The Government Accountability Office (GAO) recently reported that states were getting federal approval under the TANF program for "journaling, massage therapy, running errands for neighbors and smoking cessation classes," all defined as job preparation activities, she said.
"I can't conceive how you can be more experimental or innovative than massage therapy or running errands," Shipp said, adding that recent GAO data show that some 60 percent of welfare families are not participating in any type of work-related activities.
Under the 1996 TANF program-which has been credited with helping millions of American families become self-sufficient-the federal government provided a block grant to states, giving them broad discretion to provide aid to needy families as long as the states helped welfare recipients find jobs.
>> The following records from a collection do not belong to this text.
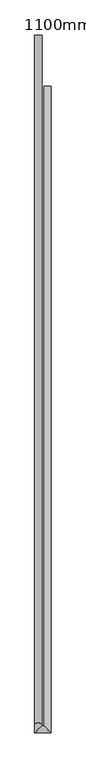
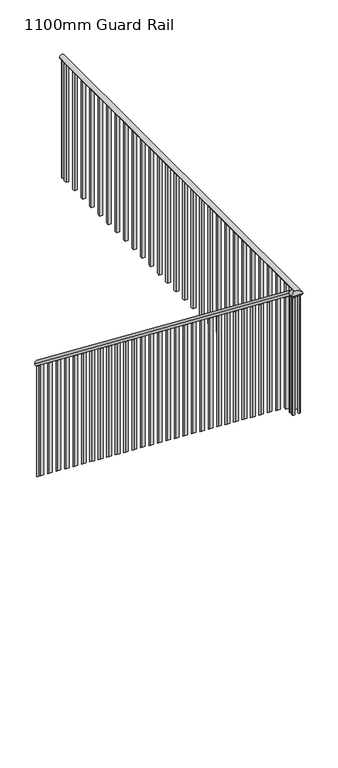
"""IFC4 building model written with IfcOpenShell, lengths in millimetres: railing geometry, 1100mm Guard Rail."""

from ifc_helpers import new_model, si_unit, point, frame, frame_2d, origin, place, context, project, spatial, polyline, circle_curve, ellipse_curve, trimmed, segment, composite_curve, outline, extrude, source, transform, mapped, element, save
from ifc_brep_helpers import plane_surface, cylinder_surface, advanced_brep


def railing_1100mm_guard_rail_56a39491(model_context):
    return source(origin(), model_context, "Body", "SolidModel", [
        advanced_brep(
        [(1386.4, -5975.0, 1268.4468381), (1426.4, -5975.0, 1268.4468381), (1386.4, -9731.8427895, 4180.0), (1426.4, -9731.8427895, 4180.0), (1426.4, -9740.0, 4180.0), (1386.4, -9780.0, 4180.0), (1476.4, -9780.0, 4180.0), (1436.4, -9740.0, 4180.0), (1476.4, -6255.0, 4180.0), (1436.4, -6255.0, 4180.0)],
        [
            (0, 1, ellipse_curve(frame((1406.4, -5975.0, 1268.4468381), z_axis=(0.0, 1.0, 0.0), x_axis=(0.0, 0.0, -0.9999999999999999)), 25.3031619, 20.0)),
            (1, 0, ellipse_curve(frame((1406.4, -5975.0, 1268.4468381), z_axis=(0.0, 1.0, 0.0), x_axis=(0.0, 0.0, -0.9999999999999999)), 25.3031619, 20.0)),
            (0, 2),
            (2, 3, ellipse_curve(frame((1406.4, -9731.8427895, 4180.0), z_axis=(0.0, 0.9461540710093743, -0.32371665683493567), x_axis=(0.0, -0.3237166568349349, -0.9461540710093748)), 21.1382064, 20.0)),
            (3, 1),
            (3, 2, ellipse_curve(frame((1406.4, -9731.8427895, 4180.0), z_axis=(0.0, 0.9461540710093743, -0.32371665683493567), x_axis=(0.0, -0.3237166568349349, -0.9461540710093748)), 21.1382064, 20.0)),
            (4, 5, ellipse_curve(frame((1406.4, -9760.0, 4180.0), z_axis=(0.7071067811865452, -0.7071067811865498, 0.0), x_axis=(-0.7071067811865498, -0.7071067811865451, 0.0)), 28.2842712, 20.0)),
            (5, 6),
            (6, 7, ellipse_curve(frame((1456.4, -9760.0, 4180.0), z_axis=(-0.7071067811865503, -0.7071067811865447, 0.0), x_axis=(-0.7071067811865446, 0.7071067811865503, 0.0)), 28.2842712, 20.0)),
            (7, 4),
            (5, 4, ellipse_curve(frame((1406.4, -9760.0, 4180.0), z_axis=(0.7071067811865452, -0.7071067811865498, 0.0), x_axis=(-0.7071067811865498, -0.7071067811865451, 0.0)), 28.2842712, 20.0)),
            (7, 6, ellipse_curve(frame((1456.4, -9760.0, 4180.0), z_axis=(-0.7071067811865503, -0.7071067811865447, 0.0), x_axis=(-0.7071067811865446, 0.7071067811865503, 0.0)), 28.2842712, 20.0)),
            (8, 9, circle_curve(frame((1456.4, -6255.0, 4180.0), z_axis=(0.0, 1.0, 0.0), x_axis=(-1.0, 0.0, 0.0)), 20.0)),
            (9, 8, circle_curve(frame((1456.4, -6255.0, 4180.0), z_axis=(0.0, 1.0, 0.0), x_axis=(-1.0, 0.0, 0.0)), 20.0)),
            (6, 8),
            (9, 7),
            (2, 5),
            (4, 3),
        ],
        [
            plane_surface(frame((1406.4, -5975.0, 1293.75), z_axis=(0.0, 1.0, 0.0), x_axis=(0.0, 0.0, -1.0))),
            cylinder_surface(frame((1406.4, -5987.2514333, 1277.941699), z_axis=(0.0, 0.7904150521752251, -0.6125716654358381), x_axis=(1.0, 0.0, 0.0)), 20.0),
            cylinder_surface(frame((1406.4, -9760.0, 4180.0), z_axis=(-1.0, 0.0, 0.0), x_axis=(0.0, 1.0, 0.0)), 20.0),
            plane_surface(frame((1456.4, -6255.0, 4200.0), z_axis=(0.0, 1.0, 0.0), x_axis=(0.0, 0.0, 1.0))),
            cylinder_surface(frame((1456.4, -9760.0, 4180.0), z_axis=(0.0, -1.0, 0.0), x_axis=(-1.0, 0.0, 0.0)), 20.0),
            cylinder_surface(frame((1406.4, -9725.0, 4180.0), z_axis=(0.0, 1.0, 0.0), x_axis=(1.0, 0.0, 0.0)), 20.0),
        ],
        [
            (0, [[1, 2]]),
            (1, [[-1, 3, 4, 5]]),
            (1, [[-2, -5, 6, -3]]),
            (2, [[7, 8, 9, 10]]),
            (2, [[11, -10, 12, -8]]),
            (3, [[13, 14]]),
            (4, [[-9, 15, -14, 16]]),
            (4, [[-12, -16, -13, -15]]),
            (5, [[-4, 17, -7, 18]]),
            (5, [[-6, -18, -11, -17]]),
        ],
    ),
        extrude(outline(polyline([(1443.9, -6335.0), (1443.9, -6310.0), (1468.9, -6310.0), (1468.9, -6335.0), (1443.9, -6335.0)])), frame((0.0, 0.0, 3100.0), z_axis=(0.0, 0.0, 1.0), x_axis=(1.0, 0.0, 0.0)), (0.0, 0.0, 1.0), 1060.0),
        extrude(outline(polyline([(1443.9, -6460.0), (1443.9, -6435.0), (1468.9, -6435.0), (1468.9, -6460.0), (1443.9, -6460.0)])), frame((0.0, 0.0, 3100.0), z_axis=(0.0, 0.0, 1.0), x_axis=(1.0, 0.0, 0.0)), (0.0, 0.0, 1.0), 1060.0),
        extrude(outline(polyline([(1443.9, -6585.0), (1443.9, -6560.0), (1468.9, -6560.0), (1468.9, -6585.0), (1443.9, -6585.0)])), frame((0.0, 0.0, 3100.0), z_axis=(0.0, 0.0, 1.0), x_axis=(1.0, 0.0, 0.0)), (0.0, 0.0, 1.0), 1060.0),
        extrude(outline(polyline([(1443.9, -6710.0), (1443.9, -6685.0), (1468.9, -6685.0), (1468.9, -6710.0), (1443.9, -6710.0)])), frame((0.0, 0.0, 3100.0), z_axis=(0.0, 0.0, 1.0), x_axis=(1.0, 0.0, 0.0)), (0.0, 0.0, 1.0), 1060.0),
        extrude(outline(polyline([(1443.9, -6835.0), (1443.9, -6810.0), (1468.9, -6810.0), (1468.9, -6835.0), (1443.9, -6835.0)])), frame((0.0, 0.0, 3100.0), z_axis=(0.0, 0.0, 1.0), x_axis=(1.0, 0.0, 0.0)), (0.0, 0.0, 1.0), 1060.0),
        extrude(outline(polyline([(1443.9, -6960.0), (1443.9, -6935.0), (1468.9, -6935.0), (1468.9, -6960.0), (1443.9, -6960.0)])), frame((0.0, 0.0, 3100.0), z_axis=(0.0, 0.0, 1.0), x_axis=(1.0, 0.0, 0.0)), (0.0, 0.0, 1.0), 1060.0),
        extrude(outline(polyline([(1443.9, -7085.0), (1443.9, -7060.0), (1468.9, -7060.0), (1468.9, -7085.0), (1443.9, -7085.0)])), frame((0.0, 0.0, 3100.0), z_axis=(0.0, 0.0, 1.0), x_axis=(1.0, 0.0, 0.0)), (0.0, 0.0, 1.0), 1060.0),
        extrude(outline(polyline([(1443.9, -7210.0), (1443.9, -7185.0), (1468.9, -7185.0), (1468.9, -7210.0), (1443.9, -7210.0)])), frame((0.0, 0.0, 3100.0), z_axis=(0.0, 0.0, 1.0), x_axis=(1.0, 0.0, 0.0)), (0.0, 0.0, 1.0), 1060.0),
        extrude(outline(polyline([(1443.9, -7335.0), (1443.9, -7310.0), (1468.9, -7310.0), (1468.9, -7335.0), (1443.9, -7335.0)])), frame((0.0, 0.0, 3100.0), z_axis=(0.0, 0.0, 1.0), x_axis=(1.0, 0.0, 0.0)), (0.0, 0.0, 1.0), 1060.0),
        extrude(outline(polyline([(1443.9, -7460.0), (1443.9, -7435.0), (1468.9, -7435.0), (1468.9, -7460.0), (1443.9, -7460.0)])), frame((0.0, 0.0, 3100.0), z_axis=(0.0, 0.0, 1.0), x_axis=(1.0, 0.0, 0.0)), (0.0, 0.0, 1.0), 1060.0),
        extrude(outline(polyline([(1443.9, -7585.0), (1443.9, -7560.0), (1468.9, -7560.0), (1468.9, -7585.0), (1443.9, -7585.0)])), frame((0.0, 0.0, 3100.0), z_axis=(0.0, 0.0, 1.0), x_axis=(1.0, 0.0, 0.0)), (0.0, 0.0, 1.0), 1060.0),
        extrude(outline(polyline([(1443.9, -7710.0), (1443.9, -7685.0), (1468.9, -7685.0), (1468.9, -7710.0), (1443.9, -7710.0)])), frame((0.0, 0.0, 3100.0), z_axis=(0.0, 0.0, 1.0), x_axis=(1.0, 0.0, 0.0)), (0.0, 0.0, 1.0), 1060.0),
        extrude(outline(polyline([(1443.9, -7835.0), (1443.9, -7810.0), (1468.9, -7810.0), (1468.9, -7835.0), (1443.9, -7835.0)])), frame((0.0, 0.0, 3100.0), z_axis=(0.0, 0.0, 1.0), x_axis=(1.0, 0.0, 0.0)), (0.0, 0.0, 1.0), 1060.0),
        extrude(outline(polyline([(1443.9, -7960.0), (1443.9, -7935.0), (1468.9, -7935.0), (1468.9, -7960.0), (1443.9, -7960.0)])), frame((0.0, 0.0, 3100.0), z_axis=(0.0, 0.0, 1.0), x_axis=(1.0, 0.0, 0.0)), (0.0, 0.0, 1.0), 1060.0),
        extrude(outline(polyline([(1443.9, -8085.0), (1443.9, -8060.0), (1468.9, -8060.0), (1468.9, -8085.0), (1443.9, -8085.0)])), frame((0.0, 0.0, 3100.0), z_axis=(0.0, 0.0, 1.0), x_axis=(1.0, 0.0, 0.0)), (0.0, 0.0, 1.0), 1060.0),
        extrude(outline(polyline([(1443.9, -8210.0), (1443.9, -8185.0), (1468.9, -8185.0), (1468.9, -8210.0), (1443.9, -8210.0)])), frame((0.0, 0.0, 3100.0), z_axis=(0.0, 0.0, 1.0), x_axis=(1.0, 0.0, 0.0)), (0.0, 0.0, 1.0), 1060.0),
        extrude(outline(polyline([(1443.9, -8335.0), (1443.9, -8310.0), (1468.9, -8310.0), (1468.9, -8335.0), (1443.9, -8335.0)])), frame((0.0, 0.0, 3100.0), z_axis=(0.0, 0.0, 1.0), x_axis=(1.0, 0.0, 0.0)), (0.0, 0.0, 1.0), 1060.0),
        extrude(outline(polyline([(1443.9, -8460.0), (1443.9, -8435.0), (1468.9, -8435.0), (1468.9, -8460.0), (1443.9, -8460.0)])), frame((0.0, 0.0, 3100.0), z_axis=(0.0, 0.0, 1.0), x_axis=(1.0, 0.0, 0.0)), (0.0, 0.0, 1.0), 1060.0),
        extrude(outline(polyline([(1443.9, -8585.0), (1443.9, -8560.0), (1468.9, -8560.0), (1468.9, -8585.0), (1443.9, -8585.0)])), frame((0.0, 0.0, 3100.0), z_axis=(0.0, 0.0, 1.0), x_axis=(1.0, 0.0, 0.0)), (0.0, 0.0, 1.0), 1060.0),
        extrude(outline(polyline([(1443.9, -8710.0), (1443.9, -8685.0), (1468.9, -8685.0), (1468.9, -8710.0), (1443.9, -8710.0)])), frame((0.0, 0.0, 3100.0), z_axis=(0.0, 0.0, 1.0), x_axis=(1.0, 0.0, 0.0)), (0.0, 0.0, 1.0), 1060.0),
        extrude(outline(polyline([(1443.9, -8835.0), (1443.9, -8810.0), (1468.9, -8810.0), (1468.9, -8835.0), (1443.9, -8835.0)])), frame((0.0, 0.0, 3100.0), z_axis=(0.0, 0.0, 1.0), x_axis=(1.0, 0.0, 0.0)), (0.0, 0.0, 1.0), 1060.0),
        extrude(outline(polyline([(1443.9, -8960.0), (1443.9, -8935.0), (1468.9, -8935.0), (1468.9, -8960.0), (1443.9, -8960.0)])), frame((0.0, 0.0, 3100.0), z_axis=(0.0, 0.0, 1.0), x_axis=(1.0, 0.0, 0.0)), (0.0, 0.0, 1.0), 1060.0),
        extrude(outline(polyline([(1443.9, -9085.0), (1443.9, -9060.0), (1468.9, -9060.0), (1468.9, -9085.0), (1443.9, -9085.0)])), frame((0.0, 0.0, 3100.0), z_axis=(0.0, 0.0, 1.0), x_axis=(1.0, 0.0, 0.0)), (0.0, 0.0, 1.0), 1060.0),
        extrude(outline(polyline([(1443.9, -9210.0), (1443.9, -9185.0), (1468.9, -9185.0), (1468.9, -9210.0), (1443.9, -9210.0)])), frame((0.0, 0.0, 3100.0), z_axis=(0.0, 0.0, 1.0), x_axis=(1.0, 0.0, 0.0)), (0.0, 0.0, 1.0), 1060.0),
        extrude(outline(polyline([(1443.9, -9335.0), (1443.9, -9310.0), (1468.9, -9310.0), (1468.9, -9335.0), (1443.9, -9335.0)])), frame((0.0, 0.0, 3100.0), z_axis=(0.0, 0.0, 1.0), x_axis=(1.0, 0.0, 0.0)), (0.0, 0.0, 1.0), 1060.0),
        extrude(outline(polyline([(1443.9, -9460.0), (1443.9, -9435.0), (1468.9, -9435.0), (1468.9, -9460.0), (1443.9, -9460.0)])), frame((0.0, 0.0, 3100.0), z_axis=(0.0, 0.0, 1.0), x_axis=(1.0, 0.0, 0.0)), (0.0, 0.0, 1.0), 1060.0),
        extrude(outline(polyline([(1443.9, -9585.0), (1443.9, -9560.0), (1468.9, -9560.0), (1468.9, -9585.0), (1443.9, -9585.0)])), frame((0.0, 0.0, 3100.0), z_axis=(0.0, 0.0, 1.0), x_axis=(1.0, 0.0, 0.0)), (0.0, 0.0, 1.0), 1060.0),
        extrude(outline(polyline([(1443.9, -9710.0), (1443.9, -9685.0), (1468.9, -9685.0), (1468.9, -9710.0), (1443.9, -9710.0)])), frame((0.0, 0.0, 3100.0), z_axis=(0.0, 0.0, 1.0), x_axis=(1.0, 0.0, 0.0)), (0.0, 0.0, 1.0), 1060.0),
        extrude(outline(polyline([(-9650.0, 3100.0), (-9675.0, 3100.0), (-9675.0, 4110.6436763), (-9650.0, 4091.2686763), (-9650.0, 3100.0)])), frame((1393.9, 0.0, 0.0), z_axis=(1.0, 0.0, 0.0), x_axis=(0.0, 1.0, 0.0)), (0.0, 0.0, 1.0), 25.0),
        extrude(outline(polyline([(-9525.0, 2997.571707), (-9550.0, 3016.946707), (-9550.0, 4013.7686763), (-9525.0, 3994.3936763), (-9525.0, 2997.571707)])), frame((1393.9, 0.0, 0.0), z_axis=(1.0, 0.0, 0.0), x_axis=(0.0, 1.0, 0.0)), (0.0, 0.0, 1.0), 25.0),
        extrude(outline(polyline([(-9400.0, 2900.696707), (-9425.0, 2920.071707), (-9425.0, 3916.8936763), (-9400.0, 3897.5186763), (-9400.0, 2900.696707)])), frame((1393.9, 0.0, 0.0), z_axis=(1.0, 0.0, 0.0), x_axis=(0.0, 1.0, 0.0)), (0.0, 0.0, 1.0), 25.0),
        extrude(outline(polyline([(-9275.0, 2803.821707), (-9300.0, 2823.196707), (-9300.0, 3820.0186763), (-9275.0, 3800.6436763), (-9275.0, 2803.821707)])), frame((1393.9, 0.0, 0.0), z_axis=(1.0, 0.0, 0.0), x_axis=(0.0, 1.0, 0.0)), (0.0, 0.0, 1.0), 25.0),
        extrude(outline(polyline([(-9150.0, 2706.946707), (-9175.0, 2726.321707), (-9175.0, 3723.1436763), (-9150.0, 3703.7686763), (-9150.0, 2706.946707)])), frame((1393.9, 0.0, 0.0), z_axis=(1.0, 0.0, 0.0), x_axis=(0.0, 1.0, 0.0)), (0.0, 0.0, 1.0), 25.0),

Federal money can be used for cash assistance, transportation, childcare and so-called work preparation and support programs. TANF-which serves more than two million American families-requires states to contribute some of their own money to separate welfare programs.
States had the leeway to run separate programs-often for families with special-needs, such as physical disabilities, mental illness and drug and alcohol addiction-without following TANF work guidelines. Instead of federally approved work-related activities, many states offered special-needs parents counseling, rehabilitation, education and vocational training.
As in the past, the new law docks states up to 5 percent of their federal funding if they fail to meet mandated work participation rates. In addition, states must make up the revenue shortfall and contribute a higher percentage of state money to the program the following year.